Steven J Scheinman, MD
Marc K Drezner, MD
Section Editors
Richard H Sterns, MD
Mitchell E Geffner, MD
Deputy Editor
Alison G Hoppin, MD


The term vitamin D-resistant rickets (VDRR) originally was used to describe a syndrome of hypophosphatemia and rickets (and/or osteomalacia) that resembled vitamin D deficiency but did not respond to vitamin D replacement or pharmacologic doses of vitamin D. Most of these cases were caused by renal phosphate wasting, leading to the alternate name of "phosphate diabetes." This disorder is now called hereditary hypophosphatemic rickets because the primary problem is now recognized to be phosphate wasting rather than true vitamin D resistance.

By contrast, true vitamin D resistance is characterized by hypocalcemia, as well as hypophosphatemia, and results from an inherited defect in the conversion of 25-hydroxyvitamin D to 1,25-dihydroxyvitamin D or in the calcitriol receptor that limits the interaction with 1,25-dihydroxyvitamin D. (See "Etiology and treatment of calcipenic rickets in children", section on 'Hereditary resistance to vitamin D' and "Etiology and treatment of calcipenic rickets in children", section on '1-alpha-hydroxylase deficiency'.)

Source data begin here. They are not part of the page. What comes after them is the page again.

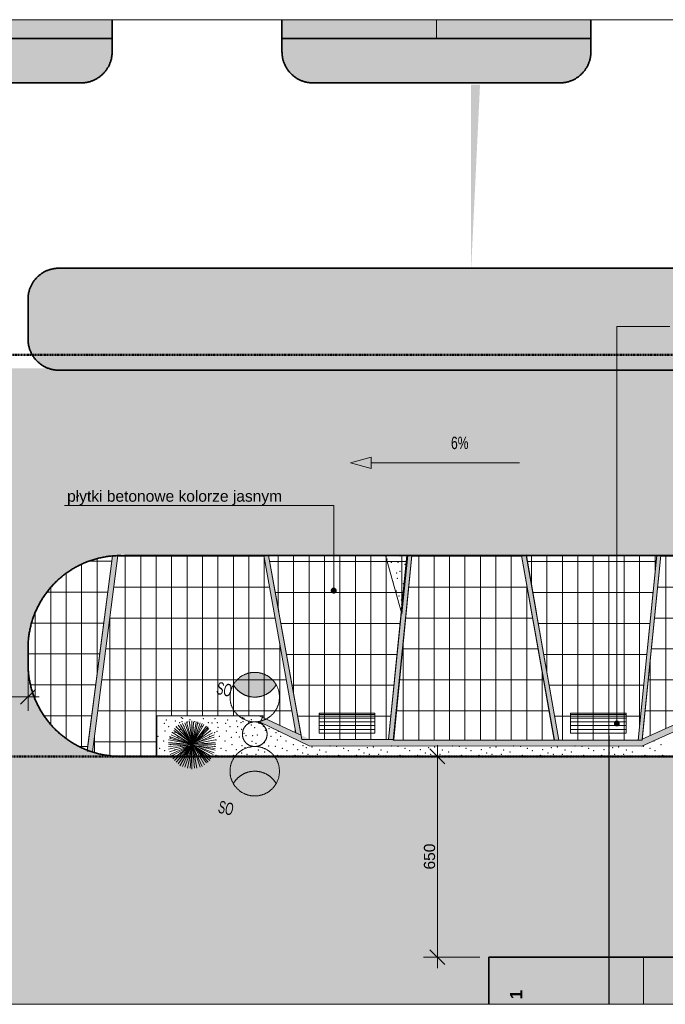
# Model space of a CAD drawing. Extents: x 169 to 11746, y 128 to 5830.
# Tile 4 of 7: x 6972 to 9062, y 2643 to 5830. Entities that reach past the tile are written whole.
import ezdxf
from ezdxf.xclip import XClip

# ---------------------------------------------------------------- set-up
doc = ezdxf.new("R2010")
doc.units = 0
doc.header["$MEASUREMENT"] = 0
doc.header["$XCLIPFRAME"] = 2
doc.linetypes.add('Krawędzie ukryte xs', pattern=[36, 24, -12])
doc.linetypes.add('Kropki przerywana 1', pattern=[100, 60, -40])
for name, color, linetype in [('134 - droga', 7, 'Continuous'), ('135 - miejsca postojowe', 7, 'Continuous'), ('FORMA - Arch 01 - 820-G Rysunki Obrazki', 7, 'Continuous'), ('FORMA - Arch 01 - PZT 0 ZAKRES OPRACOWANIA', 7, 'Continuous'), ('FORMA - Arch 01 - PZT 1 Strefy', 7, 'Continuous'), ('FORMA - Arch 01 - PZT 2 Budynki', 7, 'Continuous'), ('FORMA - Arch 01 - PZT 2 Inne obiekty', 7, 'Continuous'), ('FORMA - Arch 01 - PZT-3 Zagospodarowanie', 7, 'Continuous'), ('FORMA - Arch 01 - PZT-6 Uzbrojenie - Oświeltlenia', 7, 'Continuous'), ('FORMA - Arch 04 - Wymiary i opisy ppoż', 7, 'Continuous')]:
    doc.layers.add(name, color=color, linetype=linetype)
doc.styles.add('STYL_AUTOMATYCZNY_10', font='arial.ttf', dxfattribs={"width": 0.6000000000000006})
doc.styles.add('STYL_AUTOMATYCZNY_2', font='arial.ttf')
doc.styles.add('STYL_AUTOMATYCZNY_6', font='arial.ttf')
doc.styles.add('STYL_AUTOMATYCZNY_7', font='arial.ttf', dxfattribs={"width": 0.7})
doc.styles.add('STYL_AUTOMATYCZNY_8', font='arial.ttf')
pattern_1 = [(0, (5713.436573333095, -1207.043374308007), (0, 100), []), (90, (5713.436573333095, -1207.043374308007), (-50, 0), [])]
pattern_2 = [(0, (5713.436573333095, -1207.043374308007), (0, 12.00000047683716), [])]

# ---------------------------------------------------------------- blocks, each defined once
blk = doc.blocks.new('*X6')
at = {"color": 7, "linetype": 'Continuous', "lineweight": 13, "ltscale": 0.05}
for p in [(7494.692582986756, 3570.99822481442), (7693.13383958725, 3570.99822481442), (7439.680752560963, 3552.288876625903), (7446.457992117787, 3562.730604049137), (7454.280108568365, 3541.095774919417), (7475.50604925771, 3559.484667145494), (7479.278289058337, 3541.383068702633), (7489.977283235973, 3554.908487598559), (7496.788271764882, 3557.900169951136), (7499.806549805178, 3568.902536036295), (7504.101152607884, 3542.660198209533), (7514.476371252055, 3556.328403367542), (7522.874232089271, 3564.295027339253), (7523.057713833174, 3546.664204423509), (7533.861492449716, 3538.142977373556), (7538.518464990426, 3558.03733417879), (7548.531313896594, 3552.288876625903), (7561.984814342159, 3542.660198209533), (7566.678084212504, 3567.423873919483), (7582.32231711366, 3554.908487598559), (7594.112544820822, 3553.336721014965), (7604.067066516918, 3567.854691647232), (7612.046359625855, 3554.908487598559), (7613.591469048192, 3539.874172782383), (7638.122009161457, 3552.288876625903), (7644.899248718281, 3562.730604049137), (7652.721365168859, 3541.095774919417), (7673.947305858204, 3559.484667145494), (7677.71954565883, 3541.383068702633), (7688.418539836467, 3554.908487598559), (7695.229528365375, 3557.900169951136), (7698.247806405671, 3568.902536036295), (7702.542409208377, 3542.660198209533), (7712.917627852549, 3556.328403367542), (7721.315488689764, 3564.295027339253), (7721.498970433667, 3546.664204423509), (7732.302749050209, 3538.142977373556), (7736.959721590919, 3558.03733417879), (7746.972570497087, 3552.288876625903), (7760.426070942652, 3542.660198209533), (7419.862796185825, 3509.807309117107), (7442.300363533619, 3527.664533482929), (7458.908194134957, 3507.432910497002), (7474.783539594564, 3522.949233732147), (7484.004151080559, 3508.242885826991), (7492.072972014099, 3532.903755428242), (7499.407882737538, 3519.805700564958), (7505.665575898, 3512.936155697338), (7527.584401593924, 3512.714046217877), (7543.211734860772, 3514.500578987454), (7568.24250750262, 3530.144811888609), (7580.757893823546, 3534.838081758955), (7587.015586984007, 3509.807309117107), (7602.659819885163, 3522.322695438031), (7610.48193633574, 3527.015965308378), (7618.304052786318, 3509.807309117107), (7640.741620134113, 3527.664533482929), (7657.349450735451, 3507.432910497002), (7673.224796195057, 3522.949233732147), (7682.445407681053, 3508.242885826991), (7690.514228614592, 3532.903755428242), (7697.849139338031, 3519.805700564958), (7704.106832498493, 3512.936155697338), (7726.025658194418, 3512.714046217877), (7741.652991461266, 3514.500578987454), (7766.683764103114, 3530.144811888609), (7779.199150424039, 3534.838081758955), (7785.4568435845, 3509.807309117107), (7801.101076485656, 3522.322695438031), (7808.923192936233, 3527.015965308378), (7816.745309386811, 3509.807309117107), (7437.585063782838, 3495.181357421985), (7460.537801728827, 3483.212113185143), (7492.596894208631, 3480.511535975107), (7521.548817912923, 3475.746096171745), (7524.954815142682, 3494.657435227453), (7538.052870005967, 3487.846446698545), (7565.306799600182, 3489.326159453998), (7579.19347053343, 3478.518843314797), (7601.447455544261, 3477.89192500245), (7607.353089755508, 3498.856346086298), (7636.026320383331, 3495.181357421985), (7658.979058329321, 3483.212113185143), (7691.038150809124, 3480.511535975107), (7719.990074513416, 3475.746096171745), (7723.396071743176, 3494.657435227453), (7736.49412660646, 3487.846446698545), (7763.748056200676, 3489.326159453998), (7777.634727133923, 3478.518843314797), (7799.888712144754, 3477.89192500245), (7805.794346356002, 3498.856346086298), (7834.467576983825, 3495.181357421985), (7857.420314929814, 3483.212113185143), (7889.479407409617, 3480.511535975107), (7918.431331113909, 3475.746096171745), (7976.075983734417, 3478.518843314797), (7998.329968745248, 3477.89192500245), (8116.872587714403, 3475.746096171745), (8174.51724033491, 3478.518843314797), (8196.771225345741, 3477.89192500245), (8315.313844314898, 3475.746096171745), (8372.958496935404, 3478.518843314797), (8395.212481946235, 3477.89192500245), (8513.75510091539, 3475.746096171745), (8571.399753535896, 3478.518843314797), (8593.653738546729, 3477.89192500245), (8712.196357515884, 3475.746096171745), (8769.841010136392, 3478.518843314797), (8792.094995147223, 3477.89192500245), (8910.637614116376, 3475.746096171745), (8990.536251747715, 3477.89192500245), (9025.115116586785, 3495.181357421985), (9048.067854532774, 3483.212113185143), (7424.958035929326, 3471.973856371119), (7424.958035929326, 3471.973856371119), (7440.728596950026, 3464.269947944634), (7466.400784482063, 3449.076204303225), (7474.617611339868, 3467.567880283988), (7491.549049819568, 3455.887192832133), (7502.426160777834, 3473.176625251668), (7508.794422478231, 3451.923647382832), (7538.518464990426, 3451.923647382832), (7546.340581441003, 3466.003456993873), (7566.678084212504, 3459.74576383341), (7607.353089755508, 3448.794800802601), (7623.399292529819, 3471.973856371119), (7623.399292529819, 3471.973856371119), (7639.169853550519, 3464.269947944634), (7664.842041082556, 3449.076204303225), (7673.058867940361, 3467.567880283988), (7689.990306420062, 3455.887192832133), (7700.867417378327, 3473.176625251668), (7707.235679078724, 3451.923647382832), (7736.959721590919, 3451.923647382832), (7744.781838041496, 3466.003456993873), (7765.119340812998, 3459.74576383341), (7805.794346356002, 3448.794800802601), (7821.840549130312, 3471.973856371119), (7821.840549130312, 3471.973856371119), (7837.611110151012, 3464.269947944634), (7863.28329768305, 3449.076204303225), (7871.500124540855, 3467.567880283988), (7888.431563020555, 3455.887192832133), (7899.308673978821, 3473.176625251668), (7905.676935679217, 3451.923647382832), (7935.400978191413, 3451.923647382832), (7943.22309464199, 3466.003456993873), (7963.560597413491, 3459.74576383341), (8004.235602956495, 3448.794800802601), (8020.281805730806, 3471.973856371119), (8020.281805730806, 3471.973856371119), (8036.052366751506, 3464.269947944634), (8061.724554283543, 3449.076204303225), (8069.941381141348, 3467.567880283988), (8086.872819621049, 3455.887192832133), (8097.749930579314, 3473.176625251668), (8104.118192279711, 3451.923647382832), (8133.842234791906, 3451.923647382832), (8141.664351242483, 3466.003456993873), (8162.001854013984, 3459.74576383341), (8202.676859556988, 3448.794800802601), (8218.723062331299, 3471.973856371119), (8218.723062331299, 3471.973856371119), (8234.493623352, 3464.269947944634), (8260.165810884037, 3449.076204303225), (8268.38263774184, 3467.567880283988), (8285.31407622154, 3455.887192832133), (8296.19118717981, 3473.176625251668), (8302.559448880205, 3451.923647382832), (8332.2834913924, 3451.923647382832), (8340.105607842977, 3466.003456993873), (8360.44311061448, 3459.74576383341), (8401.118116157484, 3448.794800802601), (8417.164318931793, 3471.973856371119), (8417.164318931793, 3471.973856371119), (8432.934879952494, 3464.269947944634), (8458.60706748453, 3449.076204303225), (8466.823894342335, 3467.567880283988), (8483.755332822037, 3455.887192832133), (8494.632443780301, 3473.176625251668), (8501.000705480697, 3451.923647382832), (8530.724747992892, 3451.923647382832), (8538.54686444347, 3466.003456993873), (8558.884367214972, 3459.74576383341), (8599.559372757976, 3448.794800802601), (8615.605575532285, 3471.973856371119), (8615.605575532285, 3471.973856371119), (8631.376136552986, 3464.269947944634), (8657.048324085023, 3449.076204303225), (8665.265150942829, 3467.567880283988), (8682.196589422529, 3455.887192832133), (8693.073700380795, 3473.176625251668), (8699.441962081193, 3451.923647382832), (8729.166004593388, 3451.923647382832), (8736.988121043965, 3466.003456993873), (8757.325623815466, 3459.74576383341), (8798.00062935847, 3448.794800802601), (8814.04683213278, 3471.973856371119), (8814.04683213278, 3471.973856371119), (8829.81739315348, 3464.269947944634), (8855.489580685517, 3449.076204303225), (8863.706407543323, 3467.567880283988), (8880.637846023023, 3455.887192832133), (8891.514956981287, 3473.176625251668), (8897.883218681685, 3451.923647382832), (8927.60726119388, 3451.923647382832), (8935.429377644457, 3466.003456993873), (8955.766880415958, 3459.74576383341), (8996.441885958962, 3448.794800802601), (9012.488088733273, 3471.973856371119), (9012.488088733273, 3471.973856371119), (9028.258649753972, 3464.269947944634), (9053.930837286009, 3449.076204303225)]:
    blk.add_point(p, dxfattribs=at)
blk = doc.blocks.new('*X7')
at = {"color": 7, "linetype": 'Continuous', "lineweight": 13, "ltscale": 0.05}
for p in [(8160.630569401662, 4084.570142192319), (8202.676859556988, 4094.10032882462), (8174.51724033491, 4073.762826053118), (8196.771225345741, 4073.135907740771), (8218.723062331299, 4067.21783910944), (8218.723062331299, 4067.21783910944), (8191.725896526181, 4039.345513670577), (8194.151614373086, 4021.267610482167), (8202.676859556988, 4044.038783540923), (8219.88551574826, 4037.781090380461), (8180.774933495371, 4009.621471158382), (8213.627822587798, 4004.928201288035), (8191.562935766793, 3980.456323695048), (8199.390836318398, 3964.68401347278), (8207.370129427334, 3951.737809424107), (8205.80570613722, 3923.845287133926), (8208.915238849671, 3936.703494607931)]:
    blk.add_point(p, dxfattribs=at)
blk = doc.blocks.new('Rysunek_1_1', base_point=(5713.436573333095, -1207.043374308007))
at = {"linetype": 'Continuous', "lineweight": 13}
h = blk.add_hatch(dxfattribs=at)
h.set_pattern_fill('Sklejka_0001', style=0, pattern_type=2)
h.set_pattern_definition(pattern_2)
h.paths.add_polyline_path([(7941.125756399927, 3585.052990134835), (7941.125756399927, 3520.052990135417), (8121.125756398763, 3520.052990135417), (8121.125756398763, 3585.052990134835)])
h = blk.add_hatch(dxfattribs=at)
h.set_pattern_fill('Sklejka_0001', style=0, pattern_type=2)
h.set_pattern_definition(pattern_2)
h.paths.add_polyline_path([(8755.207777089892, 3585.052990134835), (8755.207777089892, 3520.052990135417), (8935.20777708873, 3520.052990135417), (8935.20777708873, 3585.052990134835)])
at = {"layer": '134 - droga', "linetype": 'Continuous', "lineweight": 13}
h = blk.add_hatch(dxfattribs=at)
h.set_pattern_fill('Siatka_50x100_0001', color=9, style=0, pattern_type=2)
h.set_pattern_definition([(0, (7122.210751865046, 3777.028792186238), (0, 100), []), (90, (7122.210751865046, 3777.028792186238), (-50, 0), [])])
h.paths.add_polyline_path([(6998.692792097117, 3795.44718912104), (6998.692792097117, 3745.447189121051, 0.3119919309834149), (7189.814839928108, 3465.901859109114), (7271.998597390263, 4094.242634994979, 0.2315382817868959), (7049.490654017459, 3962.47501427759, 0.1472619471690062)])
h = blk.add_hatch(dxfattribs=at)
h.set_pattern_fill('Siatka_50x100_0001', color=9, style=0, pattern_type=2)
h.set_pattern_definition([(0, (8008.511591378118, 3775.647607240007), (0, 100), []), (90, (8008.511591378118, 3775.647607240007), (-50, 0), [])])
h.paths.add_polyline_path([(8226.401256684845, 4095.44718912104), (7777.322923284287, 4095.447189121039), (7885.251715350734, 3499.911551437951), (8165.90679012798, 3499.911551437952)])
h = blk.add_hatch(dxfattribs=at)
h.set_pattern_fill('Siatka_50x100_0001', color=9, style=0, pattern_type=2)
h.set_pattern_definition([(0, (8828.891056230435, 3775.647607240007), (0, 100), []), (90, (8828.891056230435, 3775.647607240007), (-50, 0), [])])
h.paths.add_polyline_path([(9034.513335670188, 4095.44718912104), (8611.91856544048, 4095.447189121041), (8717.697797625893, 3498.262629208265), (8973.948437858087, 3498.263825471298)])
at = {"layer": '135 - miejsca postojowe', "linetype": 'Continuous', "lineweight": 13}
h = blk.add_hatch(dxfattribs=at)
h.set_pattern_fill('Siatka_50x100_0001', color=251, style=0, pattern_type=2)
h.set_pattern_definition(pattern_1)
h.paths.add_polyline_path([(7207.162934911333, 3459.751049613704, 0.07786660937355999), (7298.921317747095, 3445.448185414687), (7415.539743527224, 3445.448185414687), (7415.539743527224, 3576.448209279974), (7747.16346771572, 3576.448209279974), (7866.006056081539, 3521.986408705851), (7762.083693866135, 4095.434237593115), (7289.21088906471, 4095.297303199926)])
h = blk.add_hatch(dxfattribs=at)
h.set_pattern_fill('Siatka_50x100_0001', color=251, style=0, pattern_type=2)
h.set_pattern_definition(pattern_1)
h.paths.add_polyline_path([(8180.816226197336, 3498.260122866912), (8702.4643094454, 3498.26256113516), (8596.685069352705, 4095.44718912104), (8241.478453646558, 4095.44718912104)])
h = blk.add_hatch(dxfattribs=at)
h.set_pattern_fill('Siatka_50x100_0001', color=251, style=0, pattern_type=2)
h.set_pattern_definition(pattern_1)
h.paths.add_polyline_path([(8987.600183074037, 3500.979825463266), (9241.301997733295, 3615.851267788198), (9402.618714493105, 3616.082971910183), (9293.672293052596, 4095.44718912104), (9047.773633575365, 4095.44718912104)])
at = {"layer": 'FORMA - Arch 01 - PZT 1 Strefy', "linetype": 'Continuous', "lineweight": 0}
for color, points in [(250, [(5670.82159038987, 5829.838823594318), (5670.905767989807, 5650.232244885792), (5670.905767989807, 4699.395910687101), (5671.827176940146, 4699.365101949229), (7065.597978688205, 4701.082294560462, -0.3185334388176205), (6998.692792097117, 4795.447189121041), (6998.692792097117, 4925.445814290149, -0.414213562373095), (7098.692792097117, 5025.445814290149), (10282.04504404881, 5025.445814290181), (10885.31429902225, 5628.715069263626), (10885.31429902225, 5829.838823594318), (10025.77707295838, 5829.838823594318, -0.1985802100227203), (9531.435378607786, 5625.445814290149), (9470.967374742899, 5625.445814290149, -0.414213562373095), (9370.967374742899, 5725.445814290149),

Hereditary forms of hypophosphatemia or hypophosphatemic rickets include X-linked, autosomal dominant and autosomal recessive diseases, as well as hypophosphatemic rickets with hypercalciuria. The X-linked form is most common; the other forms are rare, with fewer than 100 reported cases. An acquired disorder, tumor-induced (or oncogenic) osteomalacia, has similar clinical manifestations to the familial syndromes. In addition to hypophosphatemia, these disorders all have normal serum levels of calcium and parathyroid hormone (PTH). Most of these disorders also have high circulating levels of fibroblast growth factor 23 (FGF23), a circulating hormone that causes renal phosphate-wasting and is a common final pathway (figure 1).

The etiology and treatment of hereditary hypophosphatemic rickets and tumor-induced osteomalacia will be reviewed here. The clinical manifestations and evaluation of rickets and osteomalacia are discussed separately. (See "Overview of rickets in children" and "Epidemiology and etiology of osteomalacia".)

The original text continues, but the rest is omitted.